由此,令${\mathit{\pmb{\theta}} ^{\rm{T}}} = \left[ {{{\bar y}_1},{{\bar y}_2}, \ldots ,{{\bar y}_N}} \right]{\rm{ = }}\left[ {{\theta _1},{\theta _2}, \ldots ,{\theta _N}} \right]$$\zeta \left( x \right) = {\left[ {{\zeta _1}\left( x \right), {\zeta _2}\left( x \right), \ldots , {\zeta _N}\left( x \right)} \right]^{\rm{T}}}$,则模糊逻辑系统(3)可进一步表示为:

$ y(x) = {\mathit{\boldsymbol{\theta }}^{\rm{T}}}\zeta (x) $ (5)

引理1[10]   f(x)是定义在闭集Ω内的连续函数,对任意给定的常数ε>0,则存在一个模糊逻辑系统(5),使得:

$ \mathop {\sup }\limits_{x \in U} \left| {f(x) - {\mathit{\boldsymbol{\theta }}^{\rm{T}}}\zeta (x)} \right| \le \varepsilon $ (6)

基于引理1,函数f(x)可表示为[11]

$ f(x) = {\mathit{\boldsymbol{\theta }}^{*{\rm{T}}}}\zeta (x) + \mathit{\boldsymbol{\varepsilon }}(x) $ (7)

式中:θ*ε(x)代表最优参数向量和最小模糊逼近误差,满足$\left\| {{{\mathit{\pmb{\theta}}} ^*}} \right\| \le \bar \theta $$\left\| {{\mathit{\pmb{\varepsilon}}} \left( x \right)} \right\| \le \bar \varepsilon $,其中常数$\bar \theta > 0$$\bar \varepsilon > 0$

2.2 最优评价信号

令追踪误差为e1(k)=x1(k)-yd(k),滤波误差:

$ e(k) = \mathit{\boldsymbol{ \boldsymbol{\varLambda} \bar e}}(k) $ (8)
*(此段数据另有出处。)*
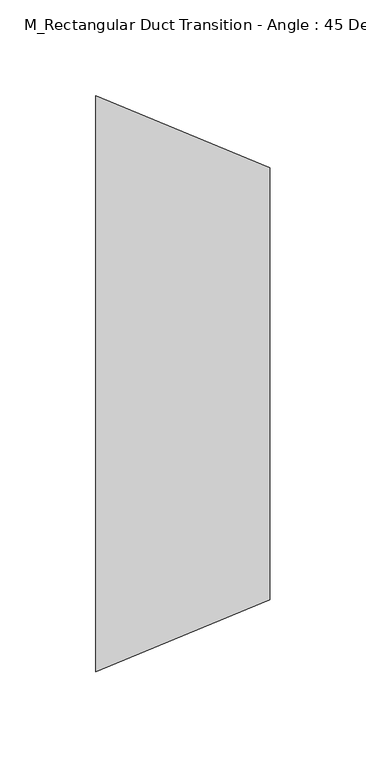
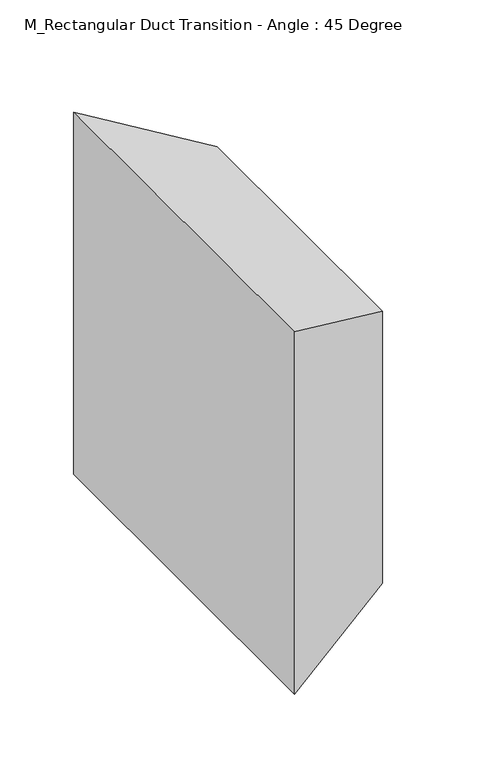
"""IFC4 building model written with IfcOpenShell, lengths in millimetres: duct fitting geometry, M_Rectangular Duct Transition - Angle : 45 Degree."""

from ifc_helpers import new_model, si_unit, origin, place, context, project, spatial, faceted_brep, source, transform, mapped, element, save


def m_rectangular_duct_transition_angle_45_degree_f0aa5960(model_context):
    return source(origin(), model_context, "Body", "Brep", [
        faceted_brep([(90.5330086, -112.5, 112.5), (90.5330086, -112.5, -112.5), (90.5330086, 112.5, -112.5), (90.5330086, 112.5, 112.5), (0.0, -150.0, 150.0), (0.0, 150.0, 150.0), (0.0, 150.0, -150.0), (0.0, -150.0, -150.0)], [[[0, 1, 2, 3]], [[4, 5, 6, 7]], [[4, 7, 1, 0]], [[7, 6, 2, 1]], [[6, 5, 3, 2]], [[5, 4, 0, 3]]]),
        faceted_brep([(90.5330086, -112.5, 112.5), (90.5330086, -112.5, -112.5), (90.5330086, 112.5, -112.5), (90.5330086, 112.5, 112.5), (0.0, -150.0, 150.0), (0.0, 150.0, 150.0), (0.0, 150.0, -150.0), (0.0, -150.0, -150.0)], [[[0, 1, 2, 3]], [[4, 5, 6, 7]], [[4, 7, 1, 0]], [[7, 6, 2, 1]], [[6, 5, 3, 2]], [[5, 4, 0, 3]]]),
        faceted_brep([(90.5330086, -112.5, 112.5), (90.5330086, -112.5, -112.5), (90.5330086, 112.5, -112.5), (90.5330086, 112.5, 112.5), (0.0, -150.0, 150.0), (0.0, 150.0, 150.0), (0.0, 150.0, -150.0), (0.0, -150.0, -150.0)], [[[0, 1, 2, 3]], [[4, 5, 6, 7]], [[4, 7, 1, 0]], [[7, 6, 2, 1]], [[6, 5, 3, 2]], [[5, 4, 0, 3]]]),
    ])


if __name__ == "__main__":
    model = new_model("IFC4")
    model_context = context("Model", 3, world=origin())
    ifc_project = project(units=[si_unit("LENGTHUNIT", "METRE", prefix="MILLI")], contexts=[model_context])
    site = spatial("IfcSite", under=ifc_project)
    building = spatial("IfcBuilding", under=site)
    placement = place(None, origin())
    m_rectangular_duct_transition_angle_45_degree_shape = m_rectangular_duct_transition_angle_45_degree_f0aa5960(model_context)
    element("IfcDuctFitting", 1, ObjectType="M_Rectangular Duct Transition - Angle : 45 Degree", at=placement, inside=building, context=model_context, shape_type="MappedRepresentation", body=[
        mapped(m_rectangular_duct_transition_angle_45_degree_shape, transform((0.0, 0.0, 0.0), x_axis=(1.0, 0.0, 0.0), y_axis=(0.0, 1.0, 0.0), z_axis=(0.0, 0.0, 1.0))),
    ])
    save(model, "model.ifc")

式中$\bar {\mathit{\pmb{e}}}\left( k \right) = {[{e_1}\left( k \right), {e_1}\left( {k - 1} \right), \ldots , {e_1}\left( {k - n + 1} \right)]^{\rm{T}}}$$\mathit{\pmb{\Lambda}} = [1, {\lambda _1}, \ldots , {\lambda _{n - 1}}]$λ1, …, λn为常数[11]。通过模糊逻辑系统逼近未知非线性函数,利用贝尔曼方程设计目标函数并得到最优评价信号。基于滤波误差e(k),效用函数q(k)为[12]

$ q(k) = \left\{ {\begin{array}{*{20}{l}} {0,}&{\left\| {\mathit{\boldsymbol{e}}(k)} \right\| \le c}\\ {1,}&{\left\| {\mathit{\boldsymbol{e}}(k)} \right\| > c} \end{array}} \right. $ (9)

式中cR为阈值,q(k)=0表示跟踪效果良好,q(k)=1代表跟踪效果不佳。

令策略效用函数C(k)为:

$ C(k) = q(k + 1) + \beta q(k + 2) + {\beta ^2}q(k + 3) + \cdots $ (10)

式中β>0是权重系数。

利用模糊逻辑系统逼近策略效用函数,则

$ C(k) = \mathit{\boldsymbol{\theta }}_c^{*{\rm{T}}}{\zeta _c}(k) + \mathit{\boldsymbol{\varepsilon }}_c^*(k) $ (11)

其中θc*为最优模糊参数,${\hat {\mathit{\pmb{\theta}}} _c}\left( k \right)$θc*的估计值。

根据文献[12]和[15],设贝尔曼方程

$ {e_c}(k) = \beta \hat C(k) - [\hat C(k - 1) - q(k)] $ (12)

式中:$\hat C(k) = \hat {\mathit{\pmb{\theta}}} _c^{\rm{T}}(k){\zeta _c}(k)$C(k)的估计。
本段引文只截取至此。